__Exercise objective__.
For each entry below, please return its exact wording and leave out any picture.

[[ Entries shown, beginning ]]

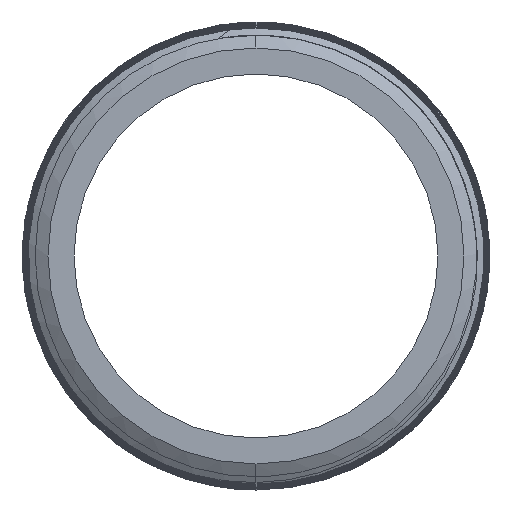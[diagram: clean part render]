
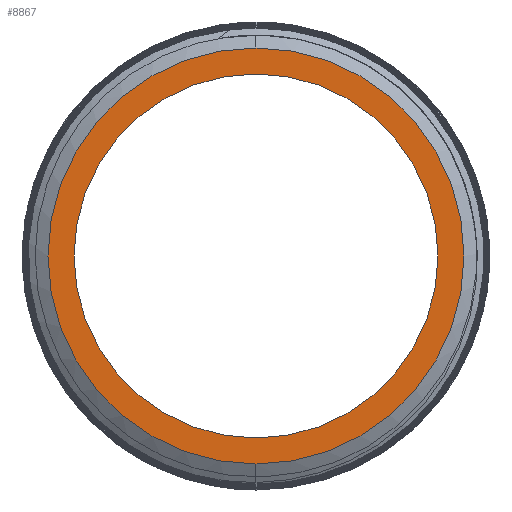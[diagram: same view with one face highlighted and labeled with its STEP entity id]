
A CAD part, left-side view. The second image highlights one B-rep face of the part: STEP entity #8867.
In plain terms, the highlighted planar face has unit normal (-1, 0, 0).
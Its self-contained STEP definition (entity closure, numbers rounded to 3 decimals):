
#316 = VERTEX_POINT ( 'NONE', #6279 ) ;
#390 = DIRECTION ( 'NONE',  ( 0., 0., -1. ) ) ;
#482 = DIRECTION ( 'NONE',  ( 0., 0., 1. ) ) ;
#539 = DIRECTION ( 'NONE',  ( -1., 0., 0. ) ) ;
#691 = ORIENTED_EDGE ( 'NONE', *, *, #1148, .T. ) ;
#1038 = CARTESIAN_POINT ( 'NONE',  ( -75., 0., 0. ) ) ;
#1056 = CIRCLE ( 'NONE', #10707, 6. ) ;
#1066 = CIRCLE ( 'NONE', #5619, 5.25 ) ;
#1148 = EDGE_CURVE ( 'NONE', #8012, #316, #1056, .T. ) ;
#1269 = CARTESIAN_POINT ( 'NONE',  ( -75., 5.25, 0. ) ) ;
#1580 = EDGE_LOOP ( 'NONE', ( #10021, #2631 ) ) ;
#2437 = FACE_OUTER_BOUND ( 'NONE', #4798, .T. ) ;
#2631 = ORIENTED_EDGE ( 'NONE', *, *, #3108, .F. ) ;
#3056 = VERTEX_POINT ( 'NONE', #6521 ) ;
#3108 = EDGE_CURVE ( 'NONE', #3056, #10302, #1066, .T. ) ;
#3303 = CIRCLE ( 'NONE', #6961, 5.25 ) ;
#3462 = AXIS2_PLACEMENT_3D ( 'NONE', #6016, #7875, #5184 ) ;
#3467 = DIRECTION ( 'NONE',  ( -1., 0., 0. ) ) ;
#4295 = CARTESIAN_POINT ( 'NONE',  ( -75., 0., 0. ) ) ;
#4386 = DIRECTION ( 'NONE',  ( 0., 0., 1. ) ) ;
#4404 = DIRECTION ( 'NONE',  ( 1., 0., 0. ) ) ;
#4703 = CARTESIAN_POINT ( 'NONE',  ( -75., 0., 0. ) ) ;
#4798 = EDGE_LOOP ( 'NONE', ( #691, #10638 ) ) ;
#5168 = CARTESIAN_POINT ( 'NONE',  ( -75., 0., -6. ) ) ;
#5184 = DIRECTION ( 'NONE',  ( 0., 0., 1. ) ) ;
#5202 = DIRECTION ( 'NONE',  ( -1., 0., 0. ) ) ;
#5619 = AXIS2_PLACEMENT_3D ( 'NONE', #4703, #539, #482 ) ;
#6016 = CARTESIAN_POINT ( 'NONE',  ( -75., 0., 0. ) ) ;
#6279 = CARTESIAN_POINT ( 'NONE',  ( -75., 0., 6. ) ) ;
#6521 = CARTESIAN_POINT ( 'NONE',  ( -75., 0., -5.25 ) ) ;
#6717 = CARTESIAN_POINT ( 'NONE',  ( -75., 0., 5.25 ) ) ;
#6817 = DIRECTION ( 'NONE',  ( 0., 0., 1. ) ) ;
#6874 = FACE_BOUND ( 'NONE', #1580, .T. ) ;
#6961 = AXIS2_PLACEMENT_3D ( 'NONE', #4295, #3467, #6817 ) ;
#7401 = EDGE_CURVE ( 'NONE', #316, #8012, #8013, .T. ) ;
#7875 = DIRECTION ( 'NONE',  ( -1., 0., 0. ) ) ;
#8012 = VERTEX_POINT ( 'NONE', #5168 ) ;
#8013 = CIRCLE ( 'NONE', #3462, 6. ) ;
#8321 = PLANE ( 'NONE',  #10148 ) ;
#8867 = ADVANCED_FACE ( 'NONE', ( #6874, #2437 ), #8321, .F. ) ;
#9355 = EDGE_CURVE ( 'NONE', #10302, #3056, #3303, .T. ) ;
#10021 = ORIENTED_EDGE ( 'NONE', *, *, #9355, .F. ) ;
#10148 = AXIS2_PLACEMENT_3D ( 'NONE', #1269, #4404, #390 ) ;
#10302 = VERTEX_POINT ( 'NONE', #6717 ) ;
#10638 = ORIENTED_EDGE ( 'NONE', *, *, #7401, .T. ) ;
#10707 = AXIS2_PLACEMENT_3D ( 'NONE', #1038, #5202, #4386 ) ;

[[ Entries shown, end ]]

__Worked solution__.
[diagram: clean part render]
[diagram: same view with one face highlighted and labeled with its STEP entity id]
A CAD part, left-side view. The second image highlights one B-rep face of the part: STEP entity #8867.
In plain terms, the highlighted planar face has unit normal (-1, 0, 0).
Its self-contained STEP definition (entity closure, numbers rounded to 3 decimals):
#316 = VERTEX_POINT ( 'NONE', #6279 ) ;
#390 = DIRECTION ( 'NONE',  ( 0., 0., -1. ) ) ;
#482 = DIRECTION ( 'NONE',  ( 0., 0., 1. ) ) ;
#539 = DIRECTION ( 'NONE',  ( -1., 0., 0. ) ) ;
#691 = ORIENTED_EDGE ( 'NONE', *, *, #1148, .T. ) ;
#1038 = CARTESIAN_POINT ( 'NONE',  ( -75., 0., 0. ) ) ;
#1056 = CIRCLE ( 'NONE', #10707, 6. ) ;
#1066 = CIRCLE ( 'NONE', #5619, 5.25 ) ;
#1148 = EDGE_CURVE ( 'NONE', #8012, #316, #1056, .T. ) ;
#1269 = CARTESIAN_POINT ( 'NONE',  ( -75., 5.25, 0. ) ) ;
#1580 = EDGE_LOOP ( 'NONE', ( #10021, #2631 ) ) ;
#2437 = FACE_OUTER_BOUND ( 'NONE', #4798, .T. ) ;
#2631 = ORIENTED_EDGE ( 'NONE', *, *, #3108, .F. ) ;
#3056 = VERTEX_POINT ( 'NONE', #6521 ) ;
#3108 = EDGE_CURVE ( 'NONE', #3056, #10302, #1066, .T. ) ;
#3303 = CIRCLE ( 'NONE', #6961, 5.25 ) ;
#3462 = AXIS2_PLACEMENT_3D ( 'NONE', #6016, #7875, #5184 ) ;
#3467 = DIRECTION ( 'NONE',  ( -1., 0., 0. ) ) ;
#4295 = CARTESIAN_POINT ( 'NONE',  ( -75., 0., 0. ) ) ;
#4386 = DIRECTION ( 'NONE',  ( 0., 0., 1. ) ) ;
#4404 = DIRECTION ( 'NONE',  ( 1., 0., 0. ) ) ;
#4703 = CARTESIAN_POINT ( 'NONE',  ( -75., 0., 0. ) ) ;
#4798 = EDGE_LOOP ( 'NONE', ( #691, #10638 ) ) ;
#5168 = CARTESIAN_POINT ( 'NONE',  ( -75., 0., -6. ) ) ;
#5184 = DIRECTION ( 'NONE',  ( 0., 0., 1. ) ) ;
#5202 = DIRECTION ( 'NONE',  ( -1., 0., 0. ) ) ;
#5619 = AXIS2_PLACEMENT_3D ( 'NONE', #4703, #539, #482 ) ;
#6016 = CARTESIAN_POINT ( 'NONE',  ( -75., 0., 0. ) ) ;
#6279 = CARTESIAN_POINT ( 'NONE',  ( -75., 0., 6. ) ) ;
#6521 = CARTESIAN_POINT ( 'NONE',  ( -75., 0., -5.25 ) ) ;
#6717 = CARTESIAN_POINT ( 'NONE',  ( -75., 0., 5.25 ) ) ;
#6817 = DIRECTION ( 'NONE',  ( 0., 0., 1. ) ) ;
#6874 = FACE_BOUND ( 'NONE', #1580, .T. ) ;
#6961 = AXIS2_PLACEMENT_3D ( 'NONE', #4295, #3467, #6817 ) ;
#7401 = EDGE_CURVE ( 'NONE', #316, #8012, #8013, .T. ) ;
#7875 = DIRECTION ( 'NONE',  ( -1., 0., 0. ) ) ;
#8012 = VERTEX_POINT ( 'NONE', #5168 ) ;
#8013 = CIRCLE ( 'NONE', #3462, 6. ) ;
#8321 = PLANE ( 'NONE',  #10148 ) ;
#8867 = ADVANCED_FACE ( 'NONE', ( #6874, #2437 ), #8321, .F. ) ;
#9355 = EDGE_CURVE ( 'NONE', #10302, #3056, #3303, .T. ) ;
#10021 = ORIENTED_EDGE ( 'NONE', *, *, #9355, .F. ) ;
#10148 = AXIS2_PLACEMENT_3D ( 'NONE', #1269, #4404, #390 ) ;
#10302 = VERTEX_POINT ( 'NONE', #6717 ) ;
#10638 = ORIENTED_EDGE ( 'NONE', *, *, #7401, .T. ) ;
#10707 = AXIS2_PLACEMENT_3D ( 'NONE', #1038, #5202, #4386 ) ;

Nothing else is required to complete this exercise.